Repeat, exactly and with no pictures, the lines that run from the beginning of the entries through the line containing "#93577 = DIRECTION".

DATASET RECORDS |
#####
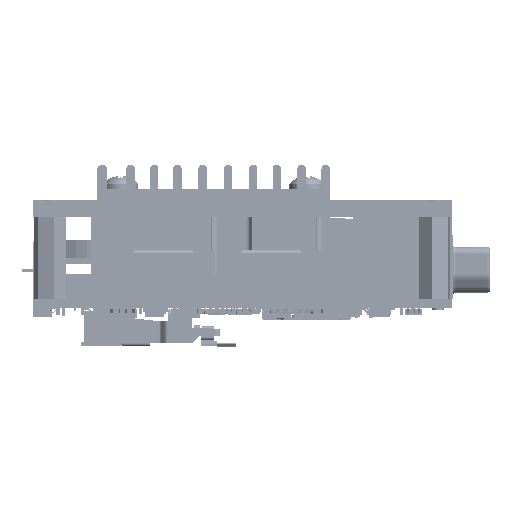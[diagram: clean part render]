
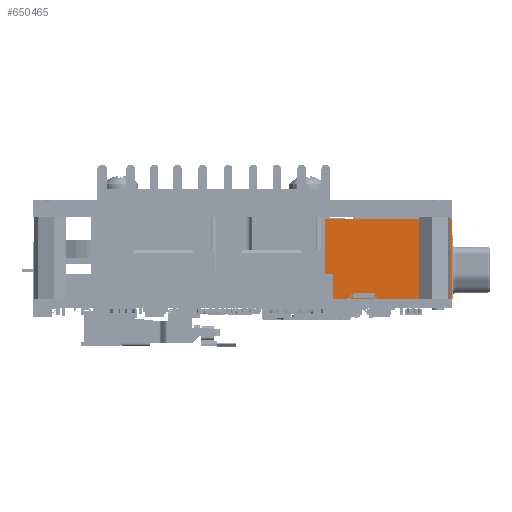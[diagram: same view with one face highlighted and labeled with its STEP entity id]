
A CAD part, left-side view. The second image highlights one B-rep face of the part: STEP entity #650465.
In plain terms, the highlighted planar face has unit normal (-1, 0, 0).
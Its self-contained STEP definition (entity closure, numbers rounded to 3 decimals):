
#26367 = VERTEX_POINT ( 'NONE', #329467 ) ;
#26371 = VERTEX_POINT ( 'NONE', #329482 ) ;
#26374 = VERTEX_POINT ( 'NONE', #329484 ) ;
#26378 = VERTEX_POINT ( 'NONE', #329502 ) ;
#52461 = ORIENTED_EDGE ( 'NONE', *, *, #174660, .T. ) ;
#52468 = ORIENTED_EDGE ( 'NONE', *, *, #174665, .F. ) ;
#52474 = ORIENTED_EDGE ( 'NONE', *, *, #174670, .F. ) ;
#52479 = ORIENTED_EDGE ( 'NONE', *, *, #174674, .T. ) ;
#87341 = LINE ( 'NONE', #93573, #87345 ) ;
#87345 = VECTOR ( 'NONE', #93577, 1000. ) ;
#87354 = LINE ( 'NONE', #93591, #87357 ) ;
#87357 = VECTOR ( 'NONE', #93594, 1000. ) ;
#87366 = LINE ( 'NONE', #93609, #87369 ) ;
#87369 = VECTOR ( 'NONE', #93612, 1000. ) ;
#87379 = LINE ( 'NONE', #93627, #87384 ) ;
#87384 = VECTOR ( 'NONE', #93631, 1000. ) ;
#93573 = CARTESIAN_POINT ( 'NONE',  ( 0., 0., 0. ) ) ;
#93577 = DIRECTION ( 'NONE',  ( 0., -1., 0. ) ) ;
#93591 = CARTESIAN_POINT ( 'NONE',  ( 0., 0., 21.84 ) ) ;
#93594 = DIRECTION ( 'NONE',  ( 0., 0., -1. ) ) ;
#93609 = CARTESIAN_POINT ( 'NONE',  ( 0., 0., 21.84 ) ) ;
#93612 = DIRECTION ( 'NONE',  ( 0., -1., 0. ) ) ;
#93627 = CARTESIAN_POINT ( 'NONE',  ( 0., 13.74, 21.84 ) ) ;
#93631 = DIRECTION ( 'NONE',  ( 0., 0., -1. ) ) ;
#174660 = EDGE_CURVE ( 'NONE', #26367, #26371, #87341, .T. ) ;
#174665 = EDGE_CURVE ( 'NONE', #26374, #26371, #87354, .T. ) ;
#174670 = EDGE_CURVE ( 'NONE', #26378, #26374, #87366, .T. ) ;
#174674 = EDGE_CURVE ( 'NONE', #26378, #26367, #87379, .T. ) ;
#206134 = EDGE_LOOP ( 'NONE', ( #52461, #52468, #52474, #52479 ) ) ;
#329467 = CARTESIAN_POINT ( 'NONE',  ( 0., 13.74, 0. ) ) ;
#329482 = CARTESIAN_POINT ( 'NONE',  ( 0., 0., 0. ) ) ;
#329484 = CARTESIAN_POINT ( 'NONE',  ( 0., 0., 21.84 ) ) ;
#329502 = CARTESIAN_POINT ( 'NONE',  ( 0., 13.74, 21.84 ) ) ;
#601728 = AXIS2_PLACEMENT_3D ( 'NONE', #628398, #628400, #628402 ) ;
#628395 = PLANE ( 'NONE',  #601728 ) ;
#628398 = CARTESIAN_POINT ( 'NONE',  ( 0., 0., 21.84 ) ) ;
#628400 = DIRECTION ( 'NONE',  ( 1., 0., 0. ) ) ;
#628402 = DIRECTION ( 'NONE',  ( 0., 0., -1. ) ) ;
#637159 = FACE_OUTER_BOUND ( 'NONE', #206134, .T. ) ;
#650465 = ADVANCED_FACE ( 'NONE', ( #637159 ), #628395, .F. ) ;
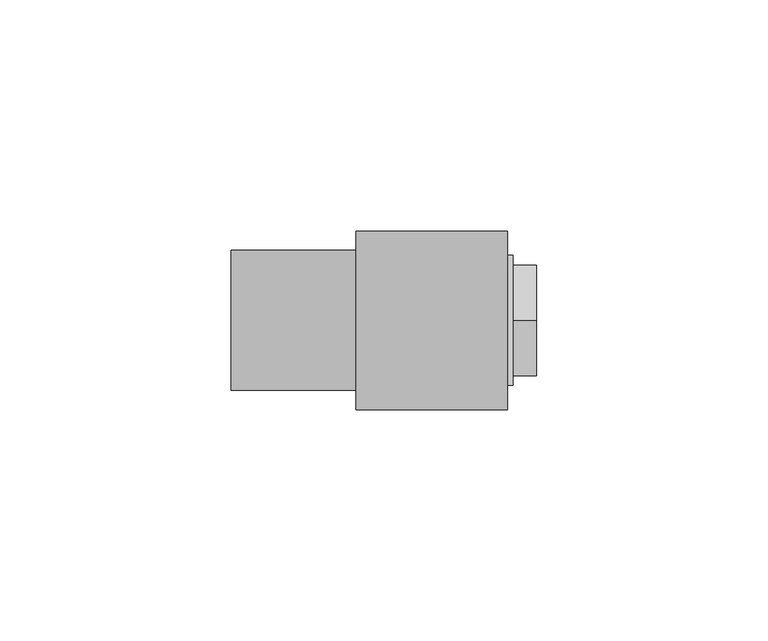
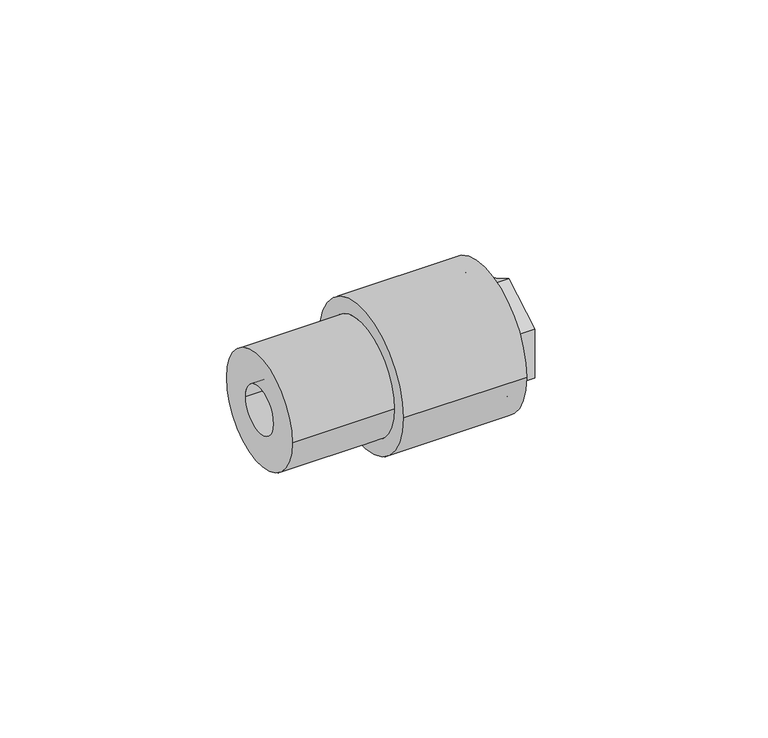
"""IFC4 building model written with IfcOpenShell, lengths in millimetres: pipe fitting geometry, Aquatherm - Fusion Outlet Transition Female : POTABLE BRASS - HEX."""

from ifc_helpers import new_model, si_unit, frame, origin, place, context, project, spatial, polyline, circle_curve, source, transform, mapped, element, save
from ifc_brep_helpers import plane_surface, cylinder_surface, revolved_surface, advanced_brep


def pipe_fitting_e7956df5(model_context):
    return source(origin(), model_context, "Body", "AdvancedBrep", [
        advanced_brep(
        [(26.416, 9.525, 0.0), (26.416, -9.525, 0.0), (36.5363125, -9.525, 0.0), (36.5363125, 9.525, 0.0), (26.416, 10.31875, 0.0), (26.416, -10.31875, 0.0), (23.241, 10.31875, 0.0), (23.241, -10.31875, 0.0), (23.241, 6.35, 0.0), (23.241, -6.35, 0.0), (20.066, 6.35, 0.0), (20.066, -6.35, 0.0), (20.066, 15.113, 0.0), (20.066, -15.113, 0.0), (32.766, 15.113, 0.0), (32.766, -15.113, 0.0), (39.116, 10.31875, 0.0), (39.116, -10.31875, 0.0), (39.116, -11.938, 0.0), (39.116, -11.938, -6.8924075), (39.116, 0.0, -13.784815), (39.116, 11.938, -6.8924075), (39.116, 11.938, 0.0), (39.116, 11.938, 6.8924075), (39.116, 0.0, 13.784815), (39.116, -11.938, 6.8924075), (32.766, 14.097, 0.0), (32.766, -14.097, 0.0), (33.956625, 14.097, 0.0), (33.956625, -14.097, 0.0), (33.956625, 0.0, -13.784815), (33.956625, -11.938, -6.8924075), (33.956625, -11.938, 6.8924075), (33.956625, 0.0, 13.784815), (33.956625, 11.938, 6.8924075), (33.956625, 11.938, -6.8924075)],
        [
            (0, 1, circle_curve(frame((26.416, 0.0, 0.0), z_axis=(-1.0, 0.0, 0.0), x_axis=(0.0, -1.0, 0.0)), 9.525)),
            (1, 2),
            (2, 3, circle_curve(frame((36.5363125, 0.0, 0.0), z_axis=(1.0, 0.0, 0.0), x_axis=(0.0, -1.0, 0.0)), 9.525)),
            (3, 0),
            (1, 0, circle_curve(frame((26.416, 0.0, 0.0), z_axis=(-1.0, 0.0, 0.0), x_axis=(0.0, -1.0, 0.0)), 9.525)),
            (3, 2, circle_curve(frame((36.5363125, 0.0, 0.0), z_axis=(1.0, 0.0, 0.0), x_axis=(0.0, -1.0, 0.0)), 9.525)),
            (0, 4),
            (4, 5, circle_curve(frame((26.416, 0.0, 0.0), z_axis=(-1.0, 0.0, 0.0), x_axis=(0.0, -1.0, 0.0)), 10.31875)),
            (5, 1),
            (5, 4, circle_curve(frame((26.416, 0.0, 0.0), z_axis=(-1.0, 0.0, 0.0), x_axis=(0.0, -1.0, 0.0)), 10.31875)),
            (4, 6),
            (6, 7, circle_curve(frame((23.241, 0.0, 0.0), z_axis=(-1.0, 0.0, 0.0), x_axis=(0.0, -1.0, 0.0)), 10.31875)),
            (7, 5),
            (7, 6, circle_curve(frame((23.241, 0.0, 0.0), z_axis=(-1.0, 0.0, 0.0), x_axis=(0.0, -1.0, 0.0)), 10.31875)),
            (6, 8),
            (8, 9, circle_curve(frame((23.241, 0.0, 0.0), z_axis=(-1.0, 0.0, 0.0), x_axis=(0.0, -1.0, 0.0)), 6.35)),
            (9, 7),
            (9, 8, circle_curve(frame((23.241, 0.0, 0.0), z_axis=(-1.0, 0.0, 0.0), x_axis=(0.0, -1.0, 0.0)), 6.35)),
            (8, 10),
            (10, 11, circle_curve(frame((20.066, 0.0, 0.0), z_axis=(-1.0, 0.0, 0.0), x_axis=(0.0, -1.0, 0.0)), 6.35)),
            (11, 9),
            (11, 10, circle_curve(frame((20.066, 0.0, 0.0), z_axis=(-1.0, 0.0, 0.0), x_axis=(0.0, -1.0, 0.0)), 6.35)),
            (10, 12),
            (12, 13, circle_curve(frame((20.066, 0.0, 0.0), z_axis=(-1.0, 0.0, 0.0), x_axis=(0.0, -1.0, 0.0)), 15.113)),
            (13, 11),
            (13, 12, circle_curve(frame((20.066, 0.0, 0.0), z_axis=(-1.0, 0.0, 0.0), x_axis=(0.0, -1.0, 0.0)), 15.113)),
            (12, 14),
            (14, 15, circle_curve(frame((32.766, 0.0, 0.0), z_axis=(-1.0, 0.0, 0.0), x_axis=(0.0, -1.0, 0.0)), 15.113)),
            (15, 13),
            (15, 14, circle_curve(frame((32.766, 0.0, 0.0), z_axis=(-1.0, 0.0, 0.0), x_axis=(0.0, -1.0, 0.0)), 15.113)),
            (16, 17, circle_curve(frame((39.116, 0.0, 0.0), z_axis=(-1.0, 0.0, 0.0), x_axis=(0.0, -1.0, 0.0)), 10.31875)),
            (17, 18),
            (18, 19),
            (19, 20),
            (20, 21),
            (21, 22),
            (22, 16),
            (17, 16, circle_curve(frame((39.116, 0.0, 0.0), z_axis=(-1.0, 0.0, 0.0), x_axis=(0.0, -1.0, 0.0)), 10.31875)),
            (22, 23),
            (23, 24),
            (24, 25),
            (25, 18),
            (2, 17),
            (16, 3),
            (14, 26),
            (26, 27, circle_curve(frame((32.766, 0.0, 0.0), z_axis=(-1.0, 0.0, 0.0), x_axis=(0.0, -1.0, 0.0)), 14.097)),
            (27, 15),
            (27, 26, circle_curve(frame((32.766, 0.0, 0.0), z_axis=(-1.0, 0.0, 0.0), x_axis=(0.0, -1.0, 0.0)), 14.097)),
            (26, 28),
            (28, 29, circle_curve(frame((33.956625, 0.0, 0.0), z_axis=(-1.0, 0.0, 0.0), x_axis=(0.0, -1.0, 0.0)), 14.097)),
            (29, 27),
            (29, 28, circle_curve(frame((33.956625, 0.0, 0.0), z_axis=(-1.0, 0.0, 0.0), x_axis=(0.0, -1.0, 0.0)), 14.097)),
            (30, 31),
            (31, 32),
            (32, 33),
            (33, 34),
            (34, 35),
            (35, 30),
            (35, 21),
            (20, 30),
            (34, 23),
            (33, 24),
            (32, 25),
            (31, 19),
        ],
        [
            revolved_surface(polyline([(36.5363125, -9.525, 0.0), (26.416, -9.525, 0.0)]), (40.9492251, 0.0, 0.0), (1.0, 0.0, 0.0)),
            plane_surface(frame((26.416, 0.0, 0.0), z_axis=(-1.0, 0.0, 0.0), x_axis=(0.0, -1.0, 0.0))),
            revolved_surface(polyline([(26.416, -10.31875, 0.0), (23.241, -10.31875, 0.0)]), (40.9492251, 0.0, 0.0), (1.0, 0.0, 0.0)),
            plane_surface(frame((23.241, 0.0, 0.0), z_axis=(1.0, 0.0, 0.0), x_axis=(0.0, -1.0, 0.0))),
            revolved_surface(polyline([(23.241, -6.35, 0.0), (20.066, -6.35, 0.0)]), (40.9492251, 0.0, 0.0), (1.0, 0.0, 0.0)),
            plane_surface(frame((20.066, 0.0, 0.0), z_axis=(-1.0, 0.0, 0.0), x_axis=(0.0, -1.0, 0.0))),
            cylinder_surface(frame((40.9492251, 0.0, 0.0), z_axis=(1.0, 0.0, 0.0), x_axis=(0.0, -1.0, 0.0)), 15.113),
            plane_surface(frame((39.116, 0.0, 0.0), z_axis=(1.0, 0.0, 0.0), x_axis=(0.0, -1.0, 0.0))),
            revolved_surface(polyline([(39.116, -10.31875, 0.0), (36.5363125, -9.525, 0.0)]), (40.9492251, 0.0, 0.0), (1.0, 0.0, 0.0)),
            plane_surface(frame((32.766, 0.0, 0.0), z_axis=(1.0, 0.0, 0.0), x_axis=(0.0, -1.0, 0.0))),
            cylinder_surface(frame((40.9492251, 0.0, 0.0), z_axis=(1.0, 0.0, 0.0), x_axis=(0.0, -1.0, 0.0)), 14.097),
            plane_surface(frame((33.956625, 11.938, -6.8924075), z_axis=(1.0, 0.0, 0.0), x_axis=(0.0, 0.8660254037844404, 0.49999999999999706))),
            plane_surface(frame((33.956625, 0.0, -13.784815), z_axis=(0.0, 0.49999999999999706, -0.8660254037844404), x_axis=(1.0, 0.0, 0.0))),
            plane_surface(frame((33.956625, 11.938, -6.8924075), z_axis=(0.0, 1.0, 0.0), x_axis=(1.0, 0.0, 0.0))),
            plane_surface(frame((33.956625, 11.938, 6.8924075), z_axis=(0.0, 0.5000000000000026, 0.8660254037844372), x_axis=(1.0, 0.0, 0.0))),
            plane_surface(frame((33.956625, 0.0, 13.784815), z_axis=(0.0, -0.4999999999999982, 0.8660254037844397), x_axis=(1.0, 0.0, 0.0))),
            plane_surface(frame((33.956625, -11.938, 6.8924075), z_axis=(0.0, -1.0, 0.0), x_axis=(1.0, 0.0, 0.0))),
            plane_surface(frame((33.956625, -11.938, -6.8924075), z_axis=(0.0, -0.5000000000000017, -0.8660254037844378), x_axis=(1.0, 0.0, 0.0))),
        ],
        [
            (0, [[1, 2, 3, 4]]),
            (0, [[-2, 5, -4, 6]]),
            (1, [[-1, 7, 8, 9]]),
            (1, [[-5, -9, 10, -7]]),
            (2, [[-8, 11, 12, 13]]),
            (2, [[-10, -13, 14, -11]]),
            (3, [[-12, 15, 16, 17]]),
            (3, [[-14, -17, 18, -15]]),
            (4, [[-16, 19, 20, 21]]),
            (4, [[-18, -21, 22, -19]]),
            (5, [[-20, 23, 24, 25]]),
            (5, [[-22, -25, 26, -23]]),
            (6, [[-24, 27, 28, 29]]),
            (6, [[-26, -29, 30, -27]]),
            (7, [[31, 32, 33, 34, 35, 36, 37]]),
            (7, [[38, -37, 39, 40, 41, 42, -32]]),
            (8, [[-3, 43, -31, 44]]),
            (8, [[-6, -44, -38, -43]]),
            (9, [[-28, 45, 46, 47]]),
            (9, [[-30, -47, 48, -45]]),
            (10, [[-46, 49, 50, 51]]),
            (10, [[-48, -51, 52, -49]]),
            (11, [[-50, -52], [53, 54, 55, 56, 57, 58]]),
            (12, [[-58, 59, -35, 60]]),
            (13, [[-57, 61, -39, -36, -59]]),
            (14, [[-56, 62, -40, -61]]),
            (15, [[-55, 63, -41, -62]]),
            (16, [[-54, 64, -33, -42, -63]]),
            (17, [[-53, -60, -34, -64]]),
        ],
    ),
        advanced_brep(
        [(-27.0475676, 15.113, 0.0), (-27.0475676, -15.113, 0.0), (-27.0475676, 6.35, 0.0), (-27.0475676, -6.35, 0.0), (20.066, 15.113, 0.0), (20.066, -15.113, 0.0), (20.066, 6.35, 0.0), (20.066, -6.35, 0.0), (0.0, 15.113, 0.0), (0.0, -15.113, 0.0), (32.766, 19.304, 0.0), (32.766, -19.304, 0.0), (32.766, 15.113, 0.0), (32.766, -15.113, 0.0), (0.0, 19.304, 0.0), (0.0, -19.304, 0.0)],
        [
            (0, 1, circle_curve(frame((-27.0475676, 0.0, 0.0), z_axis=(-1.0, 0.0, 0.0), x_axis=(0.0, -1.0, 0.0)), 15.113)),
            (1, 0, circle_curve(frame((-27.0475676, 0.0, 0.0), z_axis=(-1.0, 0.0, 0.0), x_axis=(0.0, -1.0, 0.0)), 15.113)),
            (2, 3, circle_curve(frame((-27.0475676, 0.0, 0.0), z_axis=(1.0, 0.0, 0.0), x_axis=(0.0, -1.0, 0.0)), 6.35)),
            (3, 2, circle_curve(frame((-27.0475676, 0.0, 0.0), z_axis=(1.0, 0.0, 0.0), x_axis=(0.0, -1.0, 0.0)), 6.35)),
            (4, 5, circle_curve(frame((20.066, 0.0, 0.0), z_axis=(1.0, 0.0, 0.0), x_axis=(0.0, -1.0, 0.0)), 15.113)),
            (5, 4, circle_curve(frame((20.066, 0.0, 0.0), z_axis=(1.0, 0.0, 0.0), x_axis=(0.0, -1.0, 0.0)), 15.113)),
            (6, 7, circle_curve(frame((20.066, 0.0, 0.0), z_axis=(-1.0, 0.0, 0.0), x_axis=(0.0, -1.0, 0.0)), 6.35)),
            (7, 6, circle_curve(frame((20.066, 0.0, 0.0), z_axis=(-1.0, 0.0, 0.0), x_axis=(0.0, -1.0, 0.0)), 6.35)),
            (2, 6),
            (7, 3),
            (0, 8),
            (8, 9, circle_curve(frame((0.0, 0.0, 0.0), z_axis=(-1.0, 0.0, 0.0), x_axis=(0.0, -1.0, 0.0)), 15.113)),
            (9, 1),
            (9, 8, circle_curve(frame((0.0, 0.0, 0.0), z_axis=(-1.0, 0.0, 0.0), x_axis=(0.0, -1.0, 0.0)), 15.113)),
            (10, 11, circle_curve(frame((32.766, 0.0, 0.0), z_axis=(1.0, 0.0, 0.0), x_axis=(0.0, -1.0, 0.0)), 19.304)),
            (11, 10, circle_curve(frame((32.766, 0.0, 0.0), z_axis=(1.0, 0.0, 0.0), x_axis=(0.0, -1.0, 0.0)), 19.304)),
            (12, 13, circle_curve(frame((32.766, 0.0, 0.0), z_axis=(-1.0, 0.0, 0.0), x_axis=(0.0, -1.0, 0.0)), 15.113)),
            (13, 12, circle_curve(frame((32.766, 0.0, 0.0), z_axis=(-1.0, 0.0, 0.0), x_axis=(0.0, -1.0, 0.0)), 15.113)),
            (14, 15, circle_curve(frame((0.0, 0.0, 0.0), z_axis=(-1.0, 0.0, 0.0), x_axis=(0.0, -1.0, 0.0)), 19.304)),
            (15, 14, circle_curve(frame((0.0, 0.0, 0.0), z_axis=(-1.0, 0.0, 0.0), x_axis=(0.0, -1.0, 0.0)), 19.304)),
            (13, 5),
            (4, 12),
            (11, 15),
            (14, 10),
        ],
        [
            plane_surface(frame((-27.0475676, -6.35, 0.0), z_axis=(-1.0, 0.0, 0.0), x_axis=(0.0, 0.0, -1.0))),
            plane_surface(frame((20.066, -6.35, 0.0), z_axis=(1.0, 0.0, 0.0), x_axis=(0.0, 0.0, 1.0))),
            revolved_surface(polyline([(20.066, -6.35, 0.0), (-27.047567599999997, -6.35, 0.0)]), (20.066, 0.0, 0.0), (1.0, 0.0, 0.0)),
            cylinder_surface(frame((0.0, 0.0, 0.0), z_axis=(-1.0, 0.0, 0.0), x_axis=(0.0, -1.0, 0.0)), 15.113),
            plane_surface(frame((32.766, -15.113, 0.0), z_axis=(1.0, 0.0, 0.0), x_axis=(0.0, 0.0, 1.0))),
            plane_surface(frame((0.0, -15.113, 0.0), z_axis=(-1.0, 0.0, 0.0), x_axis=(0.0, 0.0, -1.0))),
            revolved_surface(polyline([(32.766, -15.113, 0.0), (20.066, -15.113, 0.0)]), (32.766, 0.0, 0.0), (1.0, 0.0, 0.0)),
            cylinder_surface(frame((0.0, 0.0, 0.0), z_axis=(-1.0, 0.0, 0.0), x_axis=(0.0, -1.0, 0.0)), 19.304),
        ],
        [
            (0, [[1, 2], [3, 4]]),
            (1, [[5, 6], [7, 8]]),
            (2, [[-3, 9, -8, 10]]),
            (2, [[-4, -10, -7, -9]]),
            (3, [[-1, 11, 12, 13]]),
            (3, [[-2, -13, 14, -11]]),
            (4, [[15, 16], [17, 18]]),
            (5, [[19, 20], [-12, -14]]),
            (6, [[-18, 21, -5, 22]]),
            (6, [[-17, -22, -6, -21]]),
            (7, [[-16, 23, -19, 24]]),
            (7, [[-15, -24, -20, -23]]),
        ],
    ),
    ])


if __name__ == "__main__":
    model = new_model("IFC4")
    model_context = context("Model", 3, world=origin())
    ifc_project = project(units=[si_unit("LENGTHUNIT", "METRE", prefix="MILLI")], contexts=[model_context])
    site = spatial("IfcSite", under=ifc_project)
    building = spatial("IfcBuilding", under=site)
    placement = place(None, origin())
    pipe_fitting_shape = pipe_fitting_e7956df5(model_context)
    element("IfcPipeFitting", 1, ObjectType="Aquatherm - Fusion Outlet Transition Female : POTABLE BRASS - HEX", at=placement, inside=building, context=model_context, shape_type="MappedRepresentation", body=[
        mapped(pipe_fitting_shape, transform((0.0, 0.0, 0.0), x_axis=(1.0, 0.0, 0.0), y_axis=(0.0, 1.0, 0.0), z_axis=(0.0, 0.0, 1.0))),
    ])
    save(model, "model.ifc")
#####
RESPONSE TO THE EXERCISE |
[diagram: clean part render]
[diagram: same view with one face highlighted and labeled with its STEP entity id]
A CAD part, left-side view. The second image highlights one B-rep face of the part: STEP entity #650465.
In plain terms, the highlighted planar face has unit normal (-1, 0, 0).
Its self-contained STEP definition (entity closure, numbers rounded to 3 decimals):
#26367 = VERTEX_POINT ( 'NONE', #329467 ) ;
#26371 = VERTEX_POINT ( 'NONE', #329482 ) ;
#26374 = VERTEX_POINT ( 'NONE', #329484 ) ;
#26378 = VERTEX_POINT ( 'NONE', #329502 ) ;
#52461 = ORIENTED_EDGE ( 'NONE', *, *, #174660, .T. ) ;
#52468 = ORIENTED_EDGE ( 'NONE', *, *, #174665, .F. ) ;
#52474 = ORIENTED_EDGE ( 'NONE', *, *, #174670, .F. ) ;
#52479 = ORIENTED_EDGE ( 'NONE', *, *, #174674, .T. ) ;
#87341 = LINE ( 'NONE', #93573, #87345 ) ;
#87345 = VECTOR ( 'NONE', #93577, 1000. ) ;
#87354 = LINE ( 'NONE', #93591, #87357 ) ;
#87357 = VECTOR ( 'NONE', #93594, 1000. ) ;
#87366 = LINE ( 'NONE', #93609, #87369 ) ;
#87369 = VECTOR ( 'NONE', #93612, 1000. ) ;
#87379 = LINE ( 'NONE', #93627, #87384 ) ;
#87384 = VECTOR ( 'NONE', #93631, 1000. ) ;
#93573 = CARTESIAN_POINT ( 'NONE',  ( 0., 0., 0. ) ) ;
#93577 = DIRECTION ( 'NONE',  ( 0., -1., 0. ) ) ;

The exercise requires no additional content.